FIG. 1 shows an anesthesia machine that can control the anesthetic inhalation and mechanical ventilation for a patient during surgery. The gas inhaled by the patient can be circulated in a closed-loop breathing circuit equipped with a carbon dioxide absorber. The carbon dioxide absorber may contain dry soda lime for absorbing the carbon dioxide exhaled by the patient. Due to oxygen consumption by the patient and undesirable leakage, the gas circulated in the breathing circuit may decrease gradually. Thus the anesthesia machine often employs an independent channel for constantly supplementing gas into the breathing circuit. The gas supplemented through this independent channel can be called fresh gas.

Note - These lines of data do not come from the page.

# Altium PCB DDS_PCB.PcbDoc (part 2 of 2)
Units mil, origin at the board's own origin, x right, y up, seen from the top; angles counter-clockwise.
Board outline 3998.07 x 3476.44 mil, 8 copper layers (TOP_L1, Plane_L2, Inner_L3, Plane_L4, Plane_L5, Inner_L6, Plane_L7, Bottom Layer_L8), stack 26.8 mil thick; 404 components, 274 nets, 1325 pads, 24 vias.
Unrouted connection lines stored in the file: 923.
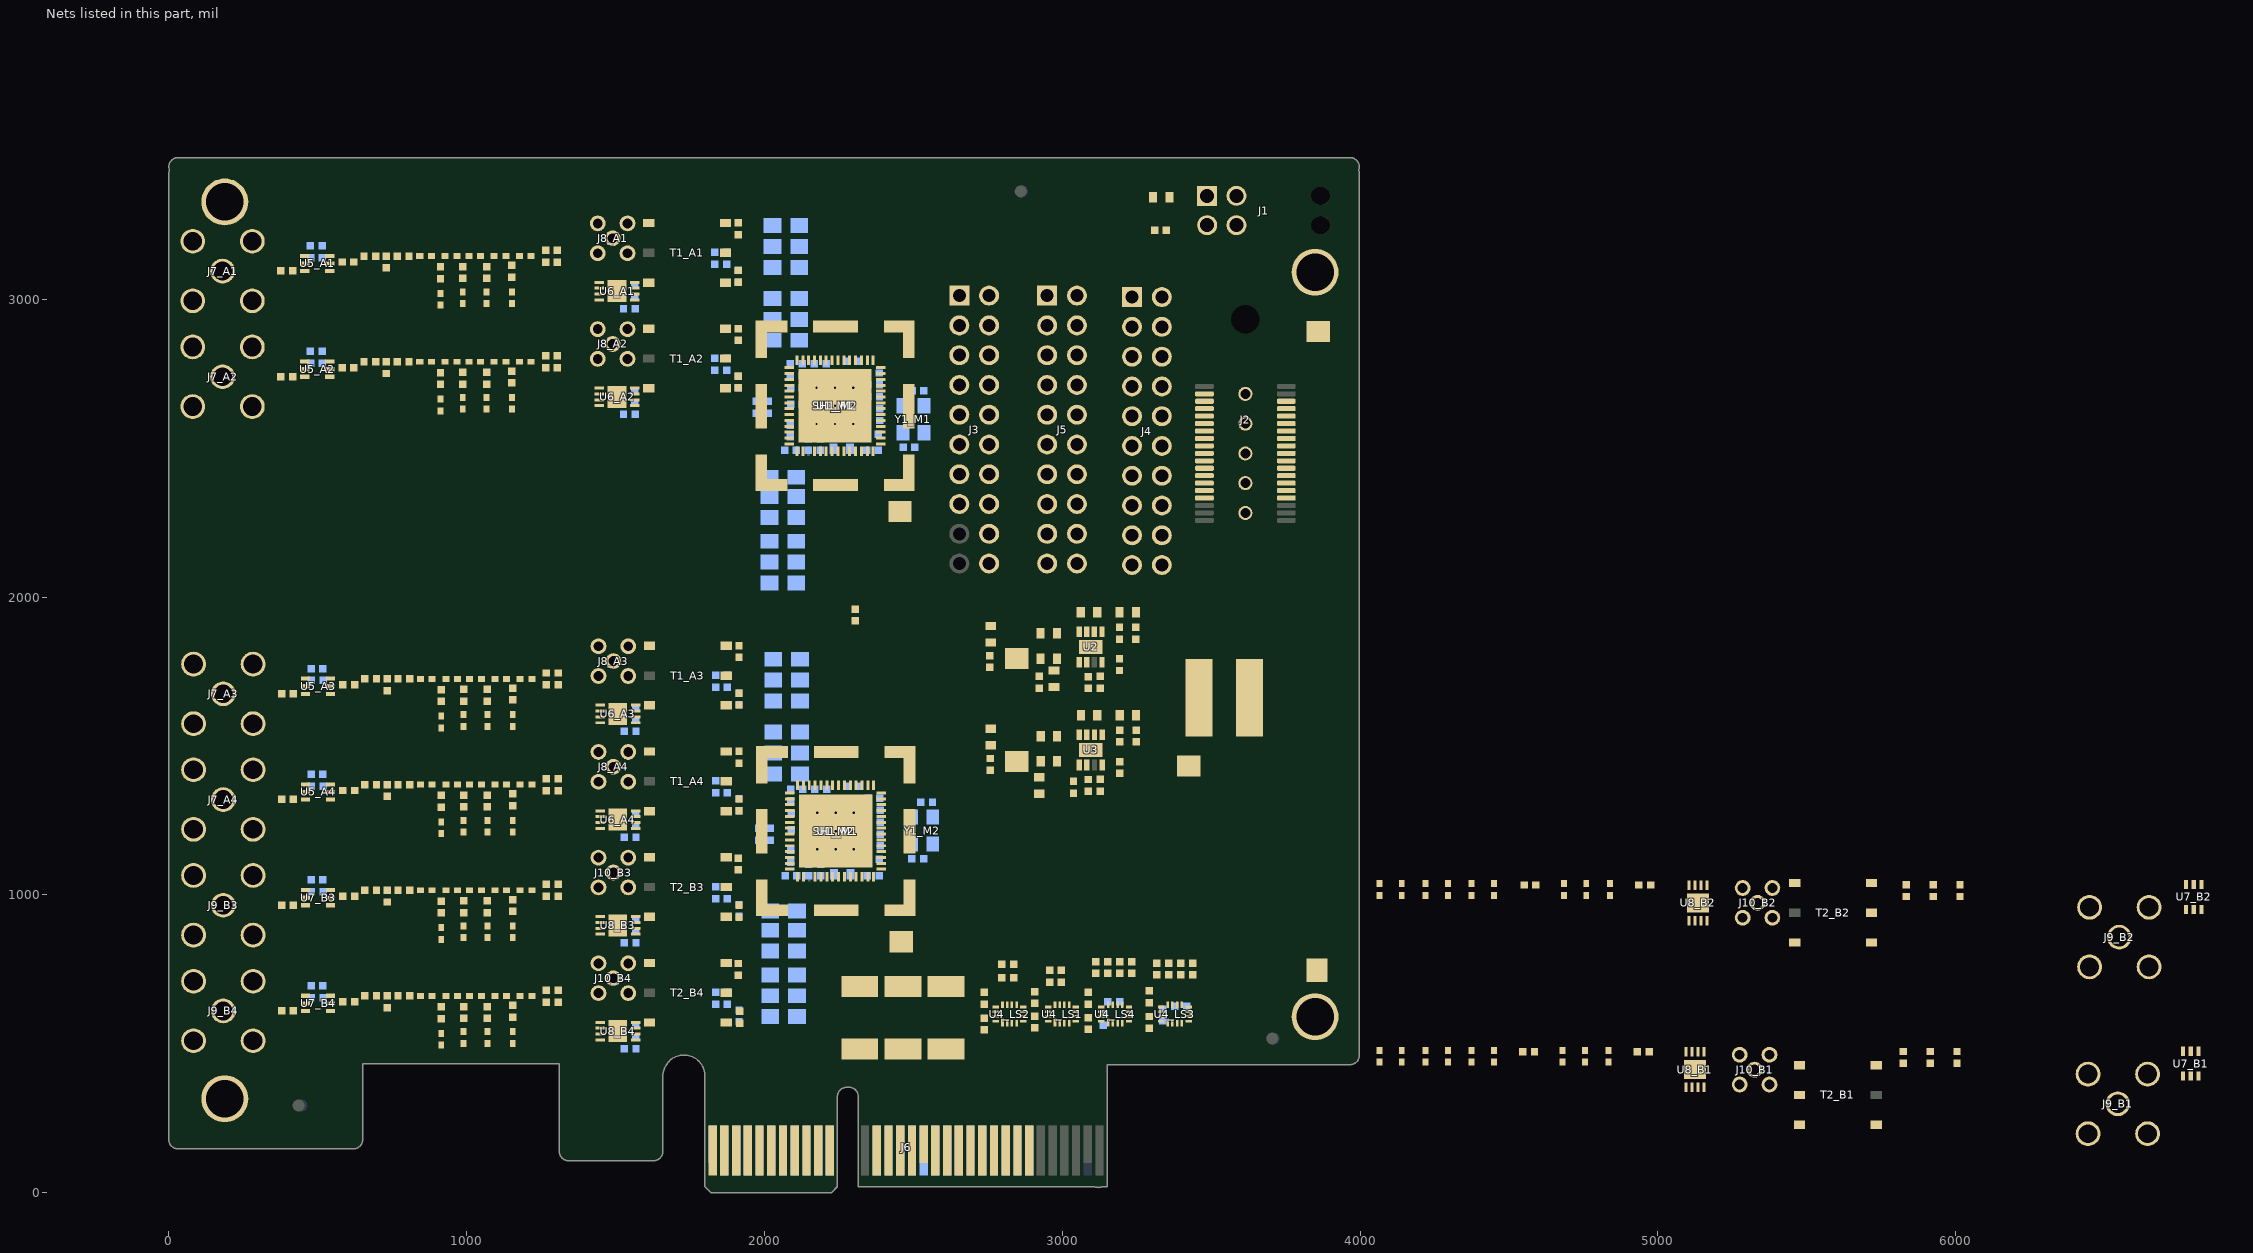
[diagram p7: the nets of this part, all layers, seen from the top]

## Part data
C1_M1 C1_M2: library part "CAP CER 6.8pF 50V NP0 0402", "CAP CER 680PF 50V NP0 0402", Capacitance=680pF, Manufacturer="TDK Corporation", Manufacturer Part Number=C1005C0G1H6R8D, Package / Case="0402 (1005 Metric)", Voltage - Rated=50V
C2_M1 C2_M2 C3_M1 C3_M2: library part "CAP CER 6.8pF 50V NP0 0402", "CAP CER 39PF 50V NP0 0402", Capacitance=39pF, Manufacturer="TDK Corporation", Manufacturer Part Number=C1005C0G1H6R8D, Package / Case="0402 (1005 Metric)", Voltage - Rated=50V
C4_M1 C4_M2 C5_M1 C5_M2 C6_M1 C6_M2 C31_A1 C31_A2 C31_A3 C31_A4 C32_A1 C32_A2 C32_A3 C32_A4 C37_A1 C37_A2 C37_A3 C37_A4 C40_A1 C40_A2 C40_A3 C40_A4 C44_B3 C44_B4 C45_B3 C45_B4 C50_B3 C50_B4 C53_B3 C53_B4: library part "CAP CER 6.8pF 50V NP0 0402", "CAP CER 1uF 25V X5R 0402", Capacitance=1uF, Manufacturer="TDK Corporation", Manufacturer Part Number=C1005C0G1H6R8D, Package / Case="0402 (1005 Metric)", Voltage - Rated=50V
C7_M1 C7_M2 C8_M1 C8_M2 C9_M1 C9_M2 C43_A1 C43_A2 C43_A3 C43_A4 C56_B3 C56_B4: library part "CAP CER 6.8pF 50V NP0 0402", "CAP CER 10uF 10V X5R 0402", Capacitance=10uF, Manufacturer="TDK Corporation", Manufacturer Part Number=C1005C0G1H6R8D, Package / Case="0402 (1005 Metric)", Voltage - Rated=50V
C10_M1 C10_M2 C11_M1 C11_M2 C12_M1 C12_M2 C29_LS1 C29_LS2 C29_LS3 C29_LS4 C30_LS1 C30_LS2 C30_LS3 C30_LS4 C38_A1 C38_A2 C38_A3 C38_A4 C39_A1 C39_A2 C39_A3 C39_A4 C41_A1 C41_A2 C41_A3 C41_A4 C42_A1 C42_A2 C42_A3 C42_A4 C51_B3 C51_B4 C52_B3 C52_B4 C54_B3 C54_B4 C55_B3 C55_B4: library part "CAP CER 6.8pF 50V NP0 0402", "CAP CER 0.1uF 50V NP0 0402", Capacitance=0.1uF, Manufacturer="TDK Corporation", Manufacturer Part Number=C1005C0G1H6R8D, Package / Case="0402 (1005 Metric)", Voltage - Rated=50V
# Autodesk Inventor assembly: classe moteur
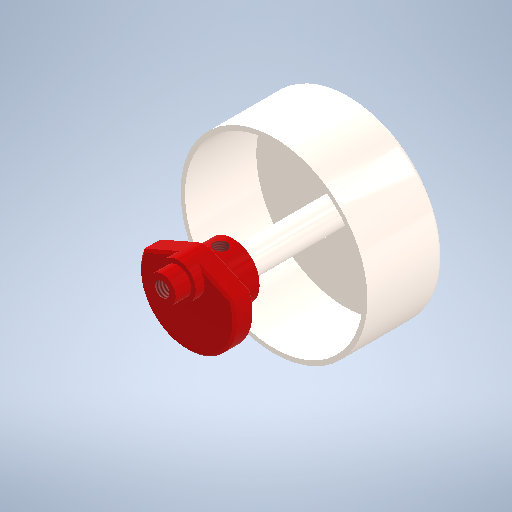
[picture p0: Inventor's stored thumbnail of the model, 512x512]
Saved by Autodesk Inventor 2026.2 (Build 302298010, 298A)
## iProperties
Created: 1601-01
Part Number: classe moteur
Document SubType Name: Assembly
Designer: mel
Part Number: Appareil_de_massage
Sending System: SOLIDWORKS 2023
Last Saved Date: 2025-04-02
Author: mel
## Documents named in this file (3)
- C:\Users\mel\Downloads\18256-itec-20250709t050547z-1-001 (1)\ITEC\Ressources\ITEC00_SW_Appareil_de_massage\S1Appareil_de_massage\S1Appareil_de_massage\classe moteur.iam
- C:\Users\mel\Downloads\18256-itec-20250709t050547z-1-001 (1)\ITEC\Ressources\ITEC00_SW_Appareil_de_massage\S1Appareil_de_massage\S1Appareil_de_massage\S1BrushlessAxe_moteur.ipt
- C:\Users\mel\Downloads\18256-itec-20250709t050547z-1-001 (1)\ITEC\Ressources\ITEC00_SW_Appareil_de_massage\S1Appareil_de_massage\S1Appareil_de_massage\S1Manivellebeaune.ipt
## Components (2 placed, 2 different names)
1. BrushlessAxe_moteur-2 — Logement:1
2. S1Manivellebeaune:1 — Logement:1
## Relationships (1: Insert 1)
- Logement:1 [Insert]: BrushlessAxe_moteur-2 ↔ S1Manivellebeaune:1

The fresh gas may be formed in two steps: different flows of oxygen and equilibrium gas (such as air or nitrous oxide) may first be mixed in a flow monitor; the mixed gas outputted from the flow monitor may then be passed through an anesthetic volatilization device (containing some anesthetic) to form the fresh gas to be delivered into the breathing circuit.
The flow monitor may mechanically and/or electronically regulate flows of the oxygen and the equilibrium gas.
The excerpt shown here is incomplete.